This invention relates to multilayer interference filters formed by vapor deposition onto a moving substrate, and more particularly relates to a method and apparatus for controlling the thickness distribution of the filter layers along the direction of movement.
U.S. Pat. No. 4,683,398 describes a cathode ray tube for projection color television having a multilayer interference filter between the glass face panel and the luminescent screen. Such a filter results, among other things, in significantly greater brightness of the luminescent output of the tube.
Such interference filters are typically composed of alternating layers of materials having a high and a low index of refraction, respectively. The layers are preferably formed by vapor deposition onto the inner surface of the glass face plate.
Mass production of such filters is carried out in a vacuum chamber containing the source materials to be evaporated, means for heating the source materials, and a dome-shaped fixture adapted for holding a multiplicity of glass face plates. The plates are arranged in rows, each row forming a circle around the dome, so that each plate is approximately equidistant with the other plates from the source materials.

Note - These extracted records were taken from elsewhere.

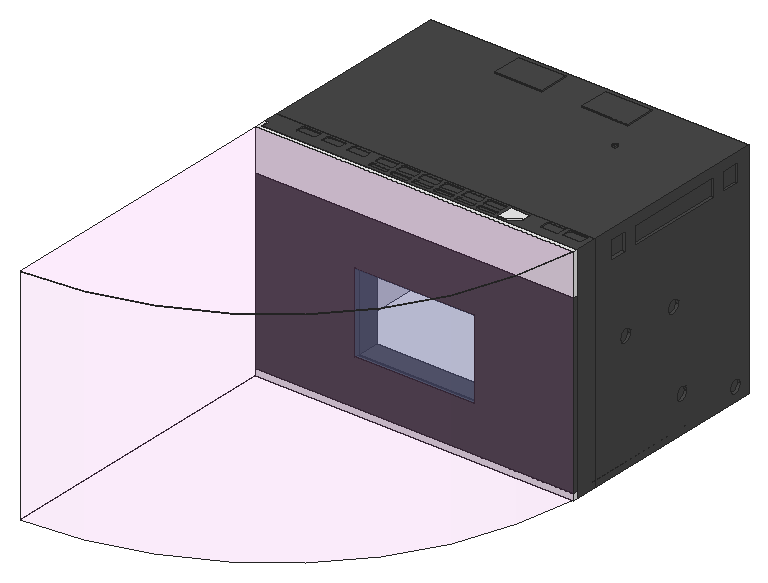
Revit family "Qf_Summit_MHOTR24SS_24 inches Wide Over-the-Range Microwave", category Specialty Equipment, Revit 2020
Family settings
  Round Connector Dimension = Use Diameter
  Part Type = Normal
  Work Plane-Based = No
  Always vertical = Yes
  Cut with Voids When Loaded = No
  Shared = No
  Room Calculation Point = No
Parameters
  Weight in Pounds = 57
  Watts = 1000 W
  Volts = 115 V
  URL Cutsheet = ""
  Specification by User = ""
  Specification by Manufacturer = ""
  Show Clearance [instance] = yes
  Serial Number = ""
  Seismic Rating = ""
  SMACNA No = ""
  Revision Code = ""
  Phase = 1
  Number of Poles = 1
  NAFEM Spec ID Number = ""
  Model = "MHOTR24SS"
  Min Ckt Ampacity = 0 A
  Max Overcurrent Protection = 0 A
  Masterspec = ""
  Manufacturer = "Summit"
  Length = 23 7/8"
  Item Number = ""
  Installed By = ""
  Identify Quantity as Lot = yes
  Height = 16 3/4"
  HP = ""
  Furnished By = ""
  Foodservice Equipment Identifier = yes
  FL Amps = 13.5 A
  Electrical Remarks = ""
  Electric Connection Type = ""
  Elec Conn RI Height = 16 3/4"
  Elec Conn Connection Height = 0"
  Description = "24\" Wide Over-the-Range Microwave"
  Depth = 16 3/8"
  Default Elevation = 0"
  Cycle = 60 Hz
  Conn Plug = ""
  Conn Conduit = yes
  CSI MasterFormat = ""
  Apparent Power = if(Phase = 3, Volts * FL Amps * 1.73, Volts * FL Amps)  # 1552.5 VA
Reference planes (in)
  plane 1 "BACK": y = 0
  plane 2: z = 0
  plane 3 "LEFT": x = 0
  plane 4 "RIGHT": x = 23.875
  plane 5 "FRONT": y = -16.375
  plane 6 "TOP": z = 17
  plane 7 "Center Y": x = 11.9375
  plane 8 "Center X": y = -8.1875
  plane 9: y = -38.5
  plane 10: y = -15.5
  plane 11: y = -0.375
  plane 12: y = -14.375
  plane 13: x = 4.6875
  plane 14: x = 19.1875
  plane 15: y = -5
  plane 16: x = 17.875
  plane 17: z = 0.25
Forms (in)
  Extrusion 1, solid, material "QF_Plastic_Epoxy_Black"
    sketch origin (0, -23.25, 2.125) x (1, 0, 0) y (0, 0, -1)
      loop
        line (0, -11.75) -> (23.875, -11.75) -> (23.875, 1.41597) -> (0, 1.41597) -> (0, -11.75)
    from 6.875 to 7.1875
  Extrusion 2, solid, material "QF_Metal_Aluminum_Polished"
    sketch origin (0, -23.25, 2.125) x (1, 0, 0) y (0, 0, -1)
      loop
        line (23.875, 1.41597) -> (23.875, 1.875) -> (0, 1.875) -> (0, 1.41597) -> (23.875, 1.41597)
    from 6.875 to 7.1875
  Extrusion 3, solid, material "QF_Plastic_Epoxy_Black"
    sketch origin (0, 0, 19.5) x (1, 0, 0) y (0, 1, 0)
      loop
        line (0, 0) -> (0, -14.375) -> (23.875, -14.375) -> (23.875, 0) -> (0, 0)
    from -19.25 to -2.5
  Extrusion 4, solid, material "QF_Plastic_Epoxy_Black"
    sketch origin (0, 0, 17) x (1, 0, 0) y (0, 1, 0)
      loop
        circle (17.875, -5) r 0.08422
      loop
        circle (17.875, -5) r 0.17168
    from 0 to 0.0644
  Extrusion 5, void
    sketch origin (23.88, 0, 0) x (0, 1, 0) y (0, 0, 1)
      loop
        line (-16.0625, 11.975) -> (-16.0625, 2.225) -> (-0.375, 2.225) -> (-0.375, 11.975) -> (-16.0625, 11.975)
    from -21.005 to -6.505
  Extrusion 6, solid, material "Glass"
    sketch origin (0, -16.375, 2.125) x (-1, 0, 0) y (0, 0, -1)
      loop
        line (-7.4375, -8) -> (-7.4375, -2) -> (-16.4375, -2) -> (-16.4375, -8) -> (-7.4375, -8)
    from 0 to -0.3125
  Extrusion 7, solid, material "QF_Clearances_Door_Drawer"
    sketch origin (0, 0, 19.5) x (1, 0, 0) y (0, 1, 0)
      loop
        line (23.875, -16.375) -> (0, -16.375) -> (0, -38.49995) -> (0.06419, -38.49995)
        arc (0.06419, -38.49995) -> (16.31587, -32.11492) -> (23.875, -16.375) r 23.87504
    from -19.25 to -2.5
  Extrusion 8, solid, material "QF_Plastic_Epoxy_Black"
    sketch origin (0, 0, 19.5) x (1, 0, 0) y (0, 1, 0)
      loop
        line (6.9375, -0.375) -> (6.9375, -2.625) -> (10.4375, -2.625) -> (10.4375, -0.375) -> (6.9375, -0.375)
      loop
        line (13.4375, -0.375) -> (13.4375, -2.625) -> (16.9375, -2.625) -> (16.9375, -0.375) -> (13.4375, -0.375)
    from -2.5 to -2.42564
  Extrusion 9, solid, material "QF_Plastic_Epoxy_Black"
    sketch origin (0, -16.375, 2.125) x (-1, 0, 0) y (0, 0, -1)
      loop
        line (-0.5, 1.875) -> (-0.75, 2.125) -> (-23.125, 2.125) -> (-23.375, 1.875) -> (-0.5, 1.875)
    from -0.875 to -16
  Extrusion 10, void
    sketch origin (23.875, 0, 19.5) x (0, 1, 0) y (0, 0, -1)
      loop
        line (-10.67868, 3.26782) -> (-3.2005, 3.26782) -> (-3.2005, 4.64282) -> (-10.67868, 4.64282) -> (-10.67868, 3.26782)
      loop
        line (-2.34834, 3.26782) -> (-0.96484, 3.26782) -> (-0.96484, 4.64282) -> (-2.34834, 4.64282) -> (-2.34834, 3.26782)
      loop
        line (-12.91084, 3.26782) -> (-11.52734, 3.26782) -> (-11.52734, 4.64282) -> (-12.91084, 4.64282) -> (-12.91084, 3.26782)
      loop
        circle (-11.52734, 10.31582) r 0.5
      loop
        circle (-7.02734, 10.31582) r 0.5
      loop
        circle (-6.24335, 16.525) r 0.5
      loop
        circle (-1.21484, 18.23681) r 0.5
    from 0 to 0.2738
  Extrusion 11, void
    sketch origin (0, 0, 19.5) x (0, 1, 0) y (0, 0, 1)
      loop
        line (-10.67868, -3.26782) -> (-10.67868, -4.64282) -> (-3.2005, -4.64282) -> (-3.2005, -3.26782) -> (-10.67868, -3.26782)
      loop
        line (-2.34834, -3.26782) -> (-2.34834, -4.64282) -> (-0.96484, -4.64282) -> (-0.96484, -3.26782) -> (-2.34834, -3.26782)
      loop
        line (-12.91084, -3.26782) -> (-12.91084, -4.64282) -> (-11.52734, -4.64282) -> (-11.52734, -3.26782) -> (-12.91084, -3.26782)
      loop
        circle (-11.52734, -10.31582) r 0.5
      loop
        circle (-7.02734, -10.31582) r 0.5
      loop
        circle (-6.24335, -16.525) r 0.5
      loop
        circle (-1.21484, -18.23681) r 0.5
    from 0 to 0.2738
  Extrusion 12, void
    sketch origin (0, 0, 19.5) x (1, 0, 0) y (0, 1, 0)
      loop
        arc (4.125, -14.625) -> (4.03661, -14.66161) -> (4, -14.75) r 0.125
        line (4, -14.75) -> (4, -15.125)
        arc (4, -15.125) -> (4.03661, -15.21339) -> (4.125, -15.25) r 0.125
        line (4.125, -15.25) -> (5.25, -15.25)
        arc (5.25, -15.25) -> (5.33839, -15.21339) -> (5.375, -15.125) r 0.125
        line (5.375, -15.125) -> (5.375, -14.75)
        arc (5.375, -14.75) -> (5.33839, -14.66161) -> (5.25, -14.625) r 0.125
        line (5.25, -14.625) -> (4.125, -14.625)
      loop
        arc (2.25, -14.625) -> (2.16161, -14.66161) -> (2.125, -14.75) r 0.125
        line (2.125, -14.75) -> (2.125, -15.125)
        arc (2.125, -15.125) -> (2.16161, -15.21339) -> (2.25, -15.25) r 0.125
        line (2.25, -15.25) -> (3.375, -15.25)
        arc (3.375, -15.25) -> (3.46339, -15.21339) -> (3.5, -15.125) r 0.125
        line (3.5, -15.125) -> (3.5, -14.75)
        arc (3.5, -14.75) -> (3.46339, -14.66161) -> (3.375, -14.625) r 0.125
        line (3.375, -14.625) -> (2.25, -14.625)
      loop
        arc (6, -14.625) -> (5.91161, -14.66161) -> (5.875, -14.75) r 0.125
        line (5.875, -14.75) -> (5.875, -15.125)
        arc (5.875, -15.125) -> (5.91161, -15.21339) -> (6, -15.25) r 0.125
        line (6, -15.25) -> (7.125, -15.25)
        arc (7.125, -15.25) -> (7.21339, -15.21339) -> (7.25, -15.125) r 0.125
        line (7.25, -15.125) -> (7.25, -14.75)
        arc (7.25, -14.75) -> (7.21339, -14.66161) -> (7.125, -14.625) r 0.125
        line (7.125, -14.625) -> (6, -14.625)
      loop
        arc (8.125, -14.625) -> (8.03661, -14.66161) -> (8, -14.75) r 0.125
        line (8, -14.75) -> (8, -15.125)
        arc (8, -15.125) -> (8.03661, -15.21339) -> (8.125, -15.25) r 0.125
        line (8.125, -15.25) -> (9.25, -15.25)
        arc (9.25, -15.25) -> (9.33839, -15.21339) -> (9.375, -15.125) r 0.125
        line (9.375, -15.125) -> (9.375, -14.75)
        arc (9.375, -14.75) -> (9.33839, -14.66161) -> (9.25, -14.625) r 0.125
        line (9.25, -14.625) -> (8.125, -14.625)
      loop
        line (8, -15.625) -> (8, -15.75)
        arc (8, -15.75) -> (8.03661, -15.83839) -> (8.125, -15.875) r 0.125
        line (8.125, -15.875) -> (9.25, -15.875)
        arc (9.25, -15.875) -> (9.33839, -15.83839) -> (9.375, -15.75) r 0.125
        line (9.375, -15.75) -> (9.375, -15.625)
        arc (9.375, -15.625) -> (9.33839, -15.53661) -> (9.25, -15.5) r 0.125
        line (9.25, -15.5) -> (8.125, -15.5)
        arc (8.125, -15.5) -> (8.03661, -15.53661) -> (8, -15.625) r 0.125
      loop
        arc (9.75, -14.625) -> (9.66161, -14.66161) -> (9.625, -14.75) r 0.125
        line (9.625, -14.75) -> (9.625, -15.125)
        arc (9.625, -15.125) -> (9.66161, -15.21339) -> (9.75, -15.25) r 0.125
        line (9.75, -15.25) -> (10.875, -15.25)
        arc (10.875, -15.25) -> (10.96339, -15.21339) -> (11, -15.125) r 0.125
        line (11, -15.125) -> (11, -14.75)
        arc (11, -14.75) -> (10.96339, -14.66161) -> (10.875, -14.625) r 0.125
        line (10.875, -14.625) -> (9.75, -14.625)
      loop
        line (9.625, -15.625) -> (9.625, -15.75)
        arc (9.625, -15.75) -> (9.66161, -15.83839) -> (9.75, -15.875) r 0.125
        line (9.75, -15.875) -> (10.875, -15.875)
        arc (10.875, -15.875) -> (10.96339, -15.83839) -> (11, -15.75) r 0.125
        line (11, -15.75) -> (11, -15.625)
        arc (11, -15.625) -> (10.96339, -15.53661) -> (10.875, -15.5) r 0.125
        line (10.875, -15.5) -> (9.75, -15.5)
        arc (9.75, -15.5) -> (9.66161, -15.53661) -> (9.625, -15.625) r 0.125
      loop
        arc (11.375, -14.625) -> (11.28661, -14.66161) -> (11.25, -14.75) r 0.125
        line (11.25, -14.75) -> (11.25, -15.125)
        arc (11.25, -15.125) -> (11.28661, -15.21339) -> (11.375, -15.25) r 0.125
        line (11.375, -15.25) -> (12.5, -15.25)
        arc (12.5, -15.25) -> (12.58839, -15.21339) -> (12.625, -15.125) r 0.125
        line (12.625, -15.125) -> (12.625, -14.75)
        arc (12.625, -14.75) -> (12.58839, -14.66161) -> (12.5, -14.625) r 0.125
        line (12.5, -14.625) -> (11.375, -14.625)
      loop
        line (11.25, -15.625) -> (11.25, -15.75)
        arc (11.25, -15.75) -> (11.28661, -15.83839) -> (11.375, -15.875) r 0.125
        line (11.375, -15.875) -> (12.5, -15.875)
        arc (12.5, -15.875) -> (12.58839, -15.83839) -> (12.625, -15.75) r 0.125
        line (12.625, -15.75) -> (12.625, -15.625)
        arc (12.625, -15.625) -> (12.58839, -15.53661) -> (12.5, -15.5) r 0.125
        line (12.5, -15.5) -> (11.375, -15.5)
        arc (11.375, -15.5) -> (11.28661, -15.53661) -> (11.25, -15.625) r 0.125
      loop
        arc (13, -14.625) -> (12.91161, -14.66161) -> (12.875, -14.75) r 0.125
        line (12.875, -14.75) -> (12.875, -15.125)
        arc (12.875, -15.125) -> (12.91161, -15.21339) -> (13, -15.25) r 0.125
        line (13, -15.25) -> (14.125, -15.25)
        arc (14.125, -15.25) -> (14.21339, -15.21339) -> (14.25, -15.125) r 0.125
        line (14.25, -15.125) -> (14.25, -14.75)
        arc (14.25, -14.75) -> (14.21339, -14.66161) -> (14.125, -14.625) r 0.125
        line (14.125, -14.625) -> (13, -14.625)
      loop
        line (12.875, -15.625) -> (12.875, -15.75)
        arc (12.875, -15.75) -> (12.91161, -15.83839) -> (13, -15.875) r 0.125
        line (13, -15.875) -> (14.125, -15.875)
        arc (14.125, -15.875) -> (14.21339, -15.83839) -> (14.25, -15.75) r 0.125
        line (14.25, -15.75) -> (14.25, -15.625)
        arc (14.25, -15.625) -> (14.21339, -15.53661) -> (14.125, -15.5) r 0.125
        line (14.125, -15.5) -> (13, -15.5)
        arc (13, -15.5) -> (12.91161, -15.53661) -> (12.875, -15.625) r 0.125
      loop
        arc (14.625, -14.625) -> (14.53661, -14.66161) -> (14.5, -14.75) r 0.125
        line (14.5, -14.75) -> (14.5, -15.125)
        arc (14.5, -15.125) -> (14.53661, -15.21339) -> (14.625, -15.25) r 0.125
        line (14.625, -15.25) -> (15.75, -15.25)
        arc (15.75, -15.25) -> (15.83839, -15.21339) -> (15.875, -15.125) r 0.125
        line (15.875, -15.125) -> (15.875, -14.75)
        arc (15.875, -14.75) -> (15.83839, -14.66161) -> (15.75, -14.625) r 0.125
        line (15.75, -14.625) -> (14.625, -14.625)
      loop
        line (14.5, -15.625) -> (14.5, -15.75)
        arc (14.5, -15.75) -> (14.53661, -15.83839) -> (14.625, -15.875) r 0.125
        line (14.625, -15.875) -> (15.75, -15.875)
        arc (15.75, -15.875) -> (15.83839, -15.83839) -> (15.875, -15.75) r 0.125
        line (15.875, -15.75) -> (15.875, -15.625)
        arc (15.875, -15.625) -> (15.83839, -15.53661) -> (15.75, -15.5) r 0.125
        line (15.75, -15.5) -> (14.625, -15.5)
        arc (14.625, -15.5) -> (14.53661, -15.53661) -> (14.5, -15.625) r 0.125
      loop
        arc (16.25, -14.625) -> (16.16161, -14.66161) -> (16.125, -14.75) r 0.125
        line (16.125, -14.75) -> (16.125, -15.125)
        arc (16.125, -15.125) -> (16.16161, -15.21339) -> (16.25, -15.25) r 0.125
        line (16.25, -15.25) -> (17.375, -15.25)
        arc (17.375, -15.25) -> (17.46339, -15.21339) -> (17.5, -15.125) r 0.125
        line (17.5, -15.125) -> (17.5, -14.75)
        arc (17.5, -14.75) -> (17.46339, -14.66161) -> (17.375, -14.625) r 0.125
        line (17.375, -14.625) -> (16.25, -14.625)
      loop
        line (16.125, -15.625) -> (16.125, -15.75)
        arc (16.125, -15.75) -> (16.16161, -15.83839) -> (16.25, -15.875) r 0.125
        line (16.25, -15.875) -> (17.375, -15.875)
        arc (17.375, -15.875) -> (17.46339, -15.83839) -> (17.5, -15.75) r 0.125
        line (17.5, -15.75) -> (17.5, -15.625)
        arc (17.5, -15.625) -> (17.46339, -15.53661) -> (17.375, -15.5) r 0.125
        line (17.375, -15.5) -> (16.25, -15.5)
        arc (16.25, -15.5) -> (16.16161, -15.53661) -> (16.125, -15.625) r 0.125
      loop
        arc (20.625, -14.5625) -> (20.53661, -14.59911) -> (20.5, -14.6875) r 0.125
        line (20.5, -14.6875) -> (20.5, -15.1875)
        arc (20.5, -15.1875) -> (20.53661, -15.27589) -> (20.625, -15.3125) r 0.125
        line (20.625, -15.3125) -> (21.75, -15.3125)
        arc (21.75, -15.3125) -> (21.83839, -15.27589) -> (21.875, -15.1875) r 0.125
        line (21.875, -15.1875) -> (21.875, -14.6875)
        arc (21.875, -14.6875) -> (21.83839, -14.59911) -> (21.75, -14.5625) r 0.125
        line (21.75, -14.5625) -> (20.625, -14.5625)
      loop
        arc (22.25, -14.5625) -> (22.16161, -14.59911) -> (22.125, -14.6875) r 0.125
        line (22.125, -14.6875) -> (22.125, -15.1875)
        arc (22.125, -15.1875) -> (22.16161, -15.27589) -> (22.25, -15.3125) r 0.125
        line (22.25, -15.3125) -> (23.375, -15.3125)
        arc (23.375, -15.3125) -> (23.46339, -15.27589) -> (23.5, -15.1875) r 0.125
        line (23.5, -15.1875) -> (23.5, -14.6875)
        arc (23.5, -14.6875) -> (23.46339, -14.59911) -> (23.375, -14.5625) r 0.125
        line (23.375, -14.5625) -> (22.25, -14.5625)
    from -2.53406 to -2.4356
  Extrusion 13, solid, material "QF_Metal_Aluminum_Polished"
    sketch origin (0, 0, 19.5) x (1, 0, 0) y (0, 1, 0)
      loop
        line (17.79493, -14.625) -> (17.79493, -15.875) -> (18.34344, -15.875) -> (19.19707, -15.32624) -> (19.19707, -14.625) -> (17.79493, -14.625)
    from -2.5 to -2.48231
  Extrusion 14, solid, material "QF_Metal_Aluminum_Polished"
    sketch origin (0, 0, 19.5) x (1, 0, 0) y (0, 1, 0)
      loop
        line (0.1875, -16.0625) -> (0.1875, -15.5) -> (0, -15.5) -> (0, -16.375) -> (23.875, -16.375) -> (23.875, -16.0625) -> (0.1875, -16.0625)
    from -5.625 to -2.5
  Extrusion 15, solid, material "QF_Plastic_Epoxy_Black"
    sketch origin (0, 0, 19.5) x (1, 0, 0) y (0, 1, 0)
      loop
        line (23.875, -14.375) -> (0, -14.375) -> (0, -15.5) -> (0.1875, -15.5) -> (0.1875, -16.0625) -> (23.875, -16.0625) -> (23.875, -14.375)
    from -19.25 to -2.5
  Extrusion 16, void
    sketch origin (0, -16.375, 2.125) x (1, 0, 0) y (0, 0, -1)
      loop
        line (7.4375, -8) -> (16.4375, -8) -> (16.4375, -2) -> (7.4375, -2) -> (7.4375, -8)
    from 0 to 2
Cuts and joins
  Extrusion 5, Extrusion 10, Extrusion 11 cuts Extrusion 3
  Extrusion 5, Extrusion 10, Extrusion 11 cuts Extrusion 4
  Extrusion 10, Extrusion 11 cuts Extrusion 8
  joined: Extrusion 3, Extrusion 4, Extrusion 8
  Extrusion 5 cuts Extrusion 6
  Extrusion 16 cuts Extrusion 1
  Extrusion 16 cuts Extrusion 7
  Extrusion 12, Extrusion 16 cuts Extrusion 15
Lines and regions (in)
  Split face 1
    outline origin (23.875, -16.375, 13.875) x (0, 0, 1) y (-1, 0, 0)
      loop
        line (-12.79594, 10.93156) -> (-11.73019, 10.93156) -> (-11.73019, 12.93156) -> (-12.79594, 12.93156) -> (-12.79594, 10.93156)
  Split face 2
    outline origin (23.875, -16.375, 13.875) x (0, 0, 1) y (-1, 0, 0)
      loop
        line (-11, 2.85) -> (-11, 4.025)
        arc (-11, 4.025) -> (-11.02929, 4.09571) -> (-11.1, 4.125) r 0.1
        line (-11.1, 4.125) -> (-11.65, 4.125)
        arc (-11.65, 4.125) -> (-11.72071, 4.09571) -> (-11.75, 4.025) r 0.1
        line (-11.75, 4.025) -> (-11.75, 2.85)
        arc (-11.75, 2.85) -> (-11.72071, 2.77929) -> (-11.65, 2.75) r 0.1
        line (-11.65, 2.75) -> (-11.1, 2.75)
        arc (-11.1, 2.75) -> (-11.02929, 2.77929) -> (-11, 2.85) r 0.1
  Split face 3
    outline origin (23.875, -16.375, 13.875) x (0, 0, 1) y (-1, 0, 0)
      loop
        line (-12.08172, 4.125) -> (-12.63172, 4.125)
        arc (-12.63172, 4.125) -> (-12.70243, 4.09571) -> (-12.73172, 4.025) r 0.1
        line (-12.73172, 4.025) -> (-12.73172, 2.85)
        arc (-12.73172, 2.85) -> (-12.70243, 2.77929) -> (-12.63172, 2.75) r 0.1
        line (-12.63172, 2.75) -> (-12.08172, 2.75)
        arc (-12.08172, 2.75) -> (-12.01101, 2.77929) -> (-11.98172, 2.85) r 0.1
        line (-11.98172, 2.85) -> (-11.98172, 4.025)
        arc (-11.98172, 4.025) -> (-12.01101, 4.09571) -> (-12.08172, 4.125) r 0.1
  symbolic lines, style "QF_Clearances_Door_Drawer"
    curve 1: line (0, -16.375, 19.5) -> (19.92323, -27.87768, 19.5)
    curve 2: arc (19.92323, -27.87768, 19.5) -> (22.64387, -22.3822, 19.5) -> (23.875, -16.375, 19.5) r 23.87504
    curve 3: line (0, -38.49995, 19.5) -> (0.06419, -38.49995, 19.5)
    curve 4: line (23.875, -16.375, 19.5) -> (0, -16.375, 19.5)
  symbolic lines
    curve 5: line (0, 0, 19.5) -> (0, -16.375, 19.5)
    curve 6: line (0, -14.375, 19.5) -> (23.875, -14.375, 19.5)
    curve 7: line (23.875, -16.375, 19.5) -> (23.875, 0, 19.5)
    curve 8: line (23.875, 0, 19.5) -> (0, 0, 19.5)
    curve 9: line (6.9375, -0.375, 19.5) -> (6.9375, -2.625, 19.5)
    curve 10: line (6.9375, -2.625, 19.5) -> (10.4375, -2.625, 19.5)
    curve 11: line (10.4375, -2.625, 19.5) -> (10.4375, -0.375, 19.5)
    curve 12: line (10.4375, -0.375, 19.5) -> (6.9375, -0.375, 19.5)
    curve 13: line (13.4375, -0.375, 19.5) -> (13.4375, -2.625, 19.5)
    curve 14: line (13.4375, -2.625, 19.5) -> (16.9375, -2.625, 19.5)
    curve 15: line (16.9375, -2.625, 19.5) -> (16.9375, -0.375, 19.5)
    curve 16: line (16.9375, -0.375, 19.5) -> (13.4375, -0.375, 19.5)
    curve 17: line (19.375, -15.5, 19.5) -> (18.5, -16.0625, 19.5)
    curve 18: line (19.375, -15.5, 19.5) -> (19.375, -14.375, 19.5)
    curve 19: line (17.79493, -14.625, 19.5) -> (19.19707, -14.625, 19.5)
    curve 20: line (19.19707, -14.625, 19.5) -> (19.19707, -15.32624, 19.5)
    curve 21: line (19.19707, -15.32624, 19.5) -> (18.34344, -15.875, 19.5)
    curve 22: line (18.34344, -15.875, 19.5) -> (17.79493, -15.875, 19.5)
    curve 23: line (17.79493, -15.875, 19.5) -> (17.79493, -14.625, 19.5)
    curve 24: line (22.25, -14.5625, 19.5) -> (23.375, -14.5625, 19.5)
    curve 25: arc (23.375, -14.5625, 19.5) -> (23.46339, -14.59911, 19.5) -> (23.5, -14.6875, 19.5) r 0.125
    curve 26: line (23.5, -14.6875, 19.5) -> (23.5, -15.1875, 19.5)
    curve 27: arc (23.5, -15.1875, 19.5) -> (23.46339, -15.27589, 19.5) -> (23.375, -15.3125, 19.5) r 0.125
    curve 28: line (23.375, -15.3125, 19.5) -> (22.25, -15.3125, 19.5)
    curve 29: arc (22.25, -15.3125, 19.5) -> (22.16161, -15.27589, 19.5) -> (22.125, -15.1875, 19.5) r 0.125
    curve 30: line (22.125, -15.1875, 19.5) -> (22.125, -14.6875, 19.5)
    curve 31: arc (22.125, -14.6875, 19.5) -> (22.16161, -14.59911, 19.5) -> (22.25, -14.5625, 19.5) r 0.125
    curve 32: line (20.625, -14.5625, 19.5) -> (21.75, -14.5625, 19.5)
    curve 33: arc (21.75, -14.5625, 19.5) -> (21.83839, -14.59911, 19.5) -> (21.875, -14.6875, 19.5) r 0.125
    curve 34: line (21.875, -14.6875, 19.5) -> (21.875, -15.1875, 19.5)
    curve 35: arc (21.875, -15.1875, 19.5) -> (21.83839, -15.27589, 19.5) -> (21.75, -15.3125, 19.5) r 0.125
    curve 36: line (21.75, -15.3125, 19.5) -> (20.625, -15.3125, 19.5)
    curve 37: arc (20.625, -15.3125, 19.5) -> (20.53661, -15.27589, 19.5) -> (20.5, -15.1875, 19.5) r 0.125
    curve 38: line (20.5, -15.1875, 19.5) -> (20.5, -14.6875, 19.5)
    curve 39: arc (20.5, -14.6875, 19.5) -> (20.53661, -14.59911, 19.5) -> (20.625, -14.5625, 19.5) r 0.125
    curve 40: line (16.25, -14.625, 19.5) -> (17.375, -14.625, 19.5)
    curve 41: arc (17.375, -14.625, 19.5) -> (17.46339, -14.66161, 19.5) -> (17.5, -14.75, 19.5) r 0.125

The dome is rotated during deposition, not only to promote uniform distribution of the deposited material on the plates, but also to pass the plates behind one or more stationary dodgers located between the source materials and the plates. These dodgers are designed to result in increasing thickness of the layers toward the edges of the plates, which has been shown to result in even greater increases in brightness than can be obtained for a uniform thickness distribution.
Ideally, the thickness of the layers should increase in all directions from the center of the plate. Unfortunately, however, such an arrangement as described above can only be used to control thickness distribution in a direction normal to the direction of movement of the plates.
A method is known by which a radial thickness distribution can be achieved. This so called "planetary" method involves rotating each plate about an axis normal to the surface of the plate, while the plate passes behind the dodger as described above. However, in addition to adding to the complexity of the apparatus, the rotating plates require significantly more space in the dome than do stationary plates. Thus, the throughput of the apparatus is significantly reduced. Also, in the case of skirted panels, the planetary drive is adequate only for circularly symmetric plates or "discs", and not for rectangular plates.